## Entries supplied
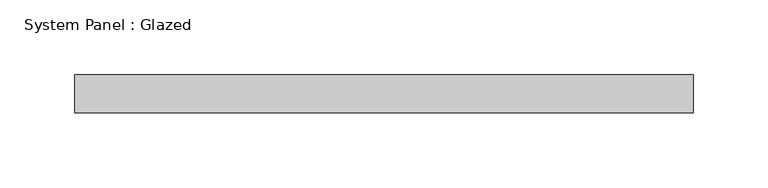
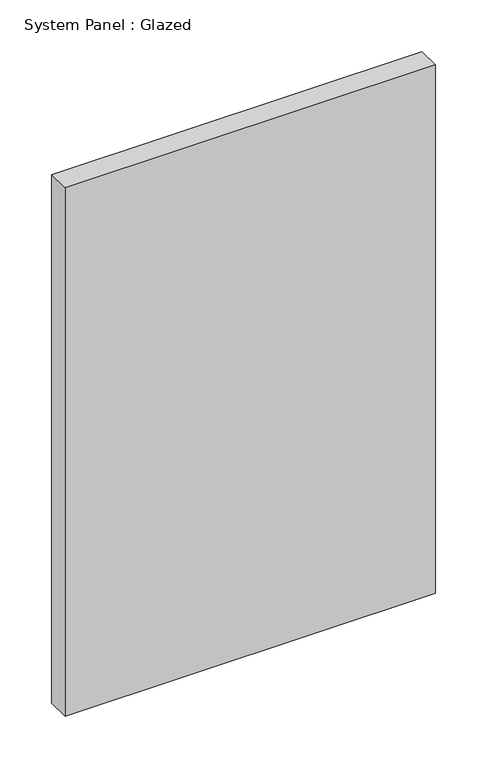
"""IFC4 building model written with IfcOpenShell, lengths in millimetres: plate geometry, System Panel : Glazed."""

from ifc_helpers import new_model, si_unit, origin, origin_with_axes, place, context, project, spatial, polyline, outline, extrude, source, transform, mapped, element, save


def system_panel_glazed_4a110745(model_context):
    return source(origin(), model_context, "Body", "SweptSolid", [
        extrude(outline(polyline([(206.3749998, 19.05), (-206.3749998, 19.05), (-206.3749998, 44.45), (206.3749998, 44.45), (206.3749998, 19.05)])), origin_with_axes(), (0.0, 0.0, 1.0), 622.3),
    ])


if __name__ == "__main__":
    model = new_model("IFC4")
    model_context = context("Model", 3, world=origin())
    ifc_project = project(units=[si_unit("LENGTHUNIT", "METRE", prefix="MILLI")], contexts=[model_context])
    site = spatial("IfcSite", under=ifc_project)
    building = spatial("IfcBuilding", under=site)
    placement = place(None, origin())
    system_panel_glazed_shape = system_panel_glazed_4a110745(model_context)
    element("IfcPlate", 1, ObjectType="System Panel : Glazed", at=placement, inside=building, context=model_context, shape_type="MappedRepresentation", body=[
        mapped(system_panel_glazed_shape, transform((0.0, 0.0, 0.0), x_axis=(1.0, 0.0, 0.0), y_axis=(0.0, 1.0, 0.0), z_axis=(0.0, 0.0, 1.0))),
    ])
    save(model, "model.ifc")

# Revit data of these elements
# Element 1 (IfcPlate, "System Panel : Glazed")
#   Materials on its faces: "Glass"
# Materials
#   "Glass": class "Glass", colour RGB 0 128 192, transparency 0.75

## Exercise directions
Strip out the pictures and quote the remaining data word for word.

## Task output
"""IFC4 building model written with IfcOpenShell, lengths in millimetres: plate geometry, System Panel : Glazed."""

from ifc_helpers import new_model, si_unit, origin, origin_with_axes, place, context, project, spatial, polyline, outline, extrude, source, transform, mapped, element, save


def system_panel_glazed_4a110745(model_context):
    return source(origin(), model_context, "Body", "SweptSolid", [
        extrude(outline(polyline([(206.3749998, 19.05), (-206.3749998, 19.05), (-206.3749998, 44.45), (206.3749998, 44.45), (206.3749998, 19.05)])), origin_with_axes(), (0.0, 0.0, 1.0), 622.3),
    ])


if __name__ == "__main__":
    model = new_model("IFC4")
    model_context = context("Model", 3, world=origin())
    ifc_project = project(units=[si_unit("LENGTHUNIT", "METRE", prefix="MILLI")], contexts=[model_context])
    site = spatial("IfcSite", under=ifc_project)
    building = spatial("IfcBuilding", under=site)
    placement = place(None, origin())
    system_panel_glazed_shape = system_panel_glazed_4a110745(model_context)
    element("IfcPlate", 1, ObjectType="System Panel : Glazed", at=placement, inside=building, context=model_context, shape_type="MappedRepresentation", body=[
        mapped(system_panel_glazed_shape, transform((0.0, 0.0, 0.0), x_axis=(1.0, 0.0, 0.0), y_axis=(0.0, 1.0, 0.0), z_axis=(0.0, 0.0, 1.0))),
    ])
    save(model, "model.ifc")

# Revit data of these elements
# Element 1 (IfcPlate, "System Panel : Glazed")
#   Materials on its faces: "Glass"
# Materials
#   "Glass": class "Glass", colour RGB 0 128 192, transparency 0.75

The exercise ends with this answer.